# 04 gto Trans grinding issue



## Hrnygto (Sep 4, 2016)

04 gto m6. Just rebuilt the transmission 3 months ago. New bearings, synchros, yada yada yada. New McLeod big single disc dual friction clutch. New fluids. I've put almost 1200 miles on it since the rebuild. Now, it will randomly have a light grinding noise like it's not all the way in gear. It doesn't grind all the time. But it will grind a little going into 1st 2nd 3rd and it even ground a little in neutral while rolling. When it's in neutral I can rock the shifter back and forth and it has a clacking noise which makes me think it's linkage. It just started it last night, but i dont want to hurt it again. I do shift hard and ride it rough once in a while, but not all the time.

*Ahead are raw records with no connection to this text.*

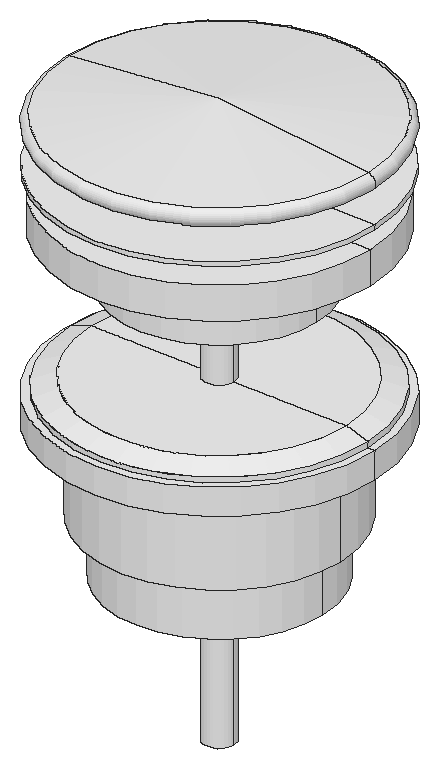
Revit family "PRD_AR_WshBsnWsts_RONDAWasteValve_ZANMW0030_0031", category Plumbing Fixtures, Revit 2018
Family settings
  Round Connector Dimension = Use Diameter
  Part Type = Normal
  OmniClass Number = 23.45.00.00
  OmniClass Title = Sanitary, Laundry, and Cleaning Equipment
  Work Plane-Based = Yes
  Always vertical = No
  Cut with Voids When Loaded = No
  Shared = Yes
  Room Calculation Point = No
Parameters (values of type "ZANMW0031")
  WasteValveMaterial = PRD_AR_ChromatedBrass
  WasteTrapType = "n/a"
  WarrantyStartDate [instance] = "1900-12-31T23:59:59"
  WarrantyGuarantorParts = "n/a"
  WarrantyGuarantorLabor = "n/a"
  WarrantyDurationUnit = "year"
  WarrantyDurationParts = "n/a"
  WarrantyDurationLabor = "n/a"
  WarrantyDescription = "n/a"
  Version = "1"
  Uniclass2015Version = "Products v1.17"
  Uniclass2015Title = "Washbasin wastes"
  Uniclass2015Code = "Pr_70_55_96_97"
  URL = "www.kwc.com"
  TopMaterial = PRD_AR_SyntheticWhite
  TailorMade = "No"
  TagNumber [instance] = "n/a"
  SustainabilityPerformance = "n/a"
  Size = "DN 32 (1 1/4 inch.)"
  Shape = "n/a"
  SerialNumber [instance] = "n/a"
  Revision = "n/a"
  ReplacementCost = "n/a"
  QuantityUom = "Piece"
  Quantity = "1"
  ProductInformation = "https://pim.kwc.com/product/2030057339/attachment/datasheet?locale=en"
  OutletConnectionSize = 32 mm
  NominalWidth = 63 mm
  NominalHeight = 0 mm
  NominalDepth = 63 mm
  NetWeight = 0.32 kg
  Name = "Waste Valve ZANMW0031"
  NBSTypeID = "n/a"
  NBSReference = "45-35-70/372"
  NBSOfficeMasterTag = "n/a"
  NBSNote = "n/a"
  NBSDescription = "Wastes for wash basins"
  NBSCertification = "n/a"
  ModelReference = "ZANMW0031"
  ModelNumber = "2030057339"
  Model = ModelReference  # "ZANMW0031"
  Material = "brass"
  ManufacturerURL = "www.kwc.com"
  ManufacturerName = "KWC Group AG"  # constant formula
  Manufacturer = ManufacturerName  # "KWC Group AG"
  IntegralAccessories = "incl. an adapter for retrofitting on click closing dome"
  InstallationDate [instance] = "1900-12-31T23:59:59"
  InletConnectionSize = 0 mm
  IfcExportType = "WASTETRAP"
  IfcExportAs = "IfcWasteTerminalType"
  GrossWeight = 0.34 kg
  Grade = "n/a"
  Finish = "chromed"
  Features = "chrome-plated brass, shaft valve and dome"
  ExpectedLife = "n/a"
  DurationUnit = "year"
  Description = "Chrome-plated brass dome waste valve, shaft valve, white (RAL 9003) powder-coated brass dome, including adapter for retrofitting on a click closing dome, connection G 1 1/4 B"
  Default Elevation = 1219.2 mm
  CreatedOn = "09/2020"  # constant formula
  Constituents = "n/a"
  Color = "white"
  CodePerformance = "n/a"
  Category = "Pr_70_55_96_97, Washbasin wastes"
  BarCode [instance] = "n/a"
  BIMObjectName = "PRD_AR_WashbasinWastes_RONDAWasteValve_ZANMW0031"
  Author = "Archispace"  # constant formula
  AssetType = "Fixed"
  AssetIdentifier [instance] = "n/a"
  AccessibilityPerformance = "n/a"
Types (2, lengths in mm): name | TopMaterial | ProductInformation | Name | ModelReference | ModelNumber | Model | Description | Color | BIMObjectName
  ZANMW0030 | PRD_AR_ChromatedBrass | "https://pim.kwc.com/product/2030057337/attachment/datasheet?locale=en" | "Waste Valve ZANMW0030" | "ZANMW0030" | "2030057337" | "ZANMW0030" | "Chrome-plated brass dome waste valve, shaft valve and dome, including an adapter for retrofitting on click closing dome, connection G 1 1/4 B" | "chrome" | "PRD_AR_WashbasinWastes_RONDAWasteValve_ZANMW0030"
  ZANMW0031 | PRD_AR_SyntheticWhite | "https://pim.kwc.com/product/2030057339/attachment/datasheet?locale=en" | "Waste Valve ZANMW0031" | "ZANMW0031" | "2030057339" | "ZANMW0031" | "Chrome-plated brass dome waste valve, shaft valve, white (RAL 9003) powder-coated brass dome, including adapter for retrofitting on a click closing dome, connection G 1 1/4 B" | "white" | "PRD_AR_WashbasinWastes_RONDAWasteValve_ZANMW0031"
Reference planes
  plane 1 "Center (Front/Back)": y = 0
  plane 2: z = 0
  plane 3 "Center (Left/Right)": x = 0
Forms (mm)
  Revolve 1, solid, material "PRD_AR_SyntheticWhite" <- "TopMaterial", detail levels fine
    sketch origin (0, 0, -6) x (1, 0, 0) y (0, 0, 1)
      loop
        line (-30.737, 6) -> (0, 6) -> (0, 12.007)
        arc (0, 12.007) -> (-15.189, 11.236) -> (-30.222, 8.931) r 150
        arc (-30.222, 8.931) -> (-31.476, 7.64) -> (-30.737, 6) r 1.6
      axis (0, 6) -> (0, 12.007)
    angle from 0 to 360
  Revolve 2, solid, material "PRD_AR_ChromatedBrass" <- "WasteValveMaterial", detail levels fine
    sketch origin (0, 0, 0) x (1, 0, 0) y (0, 0, 1)
      loop
        line (-17, 0) -> (-17, -3.193) -> (-7.57, -3.193) -> (-7.57, -6.093) -> (-31.446, -6.093) -> (-31.446, -6.953) -> (-21.935, -10.86) -> (-30.59, -10.86) -> (-30.59, -17.36) -> (-19.75, -17.36) -> (-19.75, -27.793) -> (-8.15, -27.793) -> (-8.15, -33.263) -> (-5.5, -34.793) -> (-3, -34.793) -> (-3, -44.453) -> (-25.749, -44.453) -> (-30, -45.953) -> (-30, -46.953) -> (-31.5, -46.953) -> (-31.5, -52.253) -> (-24.6, -52.253) -> (-24.6, -69.453) -> (-20.955, -69.453) -> (-20.955, -80.453) -> (-6.05, -80.453) -> (-6.05, -85.253) -> (-3, -85.253) -> (-3, -110.281) -> (0, -110.281) -> (0, 0) -> (-17, 0)
      axis (0, 0) -> (0, -110.281)
    angle from 0 to 360
  Extrusion 3, solid, material "PRD_AR_ChromatedBrass" <- "WasteValveMaterial", detail levels medium
    sketch origin (0, 0, 0) x (1, 0, 0) y (0, 1, 0)
      loop
        circle (0, 0) r 31.5
    from -110.281 to 6.03
Dimensions and locks
  aligned and locked: level to plane 2

Maybe busted something playing around? It has the stock shifter and such in it.


----------



## svede1212 (Nov 1, 2005)

There's no ,linkage per se. The shifter has a ball on the end that goes into a cup in the transmission. That's a pretty normal sound. A few things could be causing your problem. First determine if the clutch is working correctly. Park on a flat, level surface and with the clutch pedal pressed and foot off the brakes rev the engine a few times while in 1st gear. If you feel the car move even the slightest you may not be fully disengaging the clutch. If it's that we can start looking for those things. Also what fluid was put in it?


----------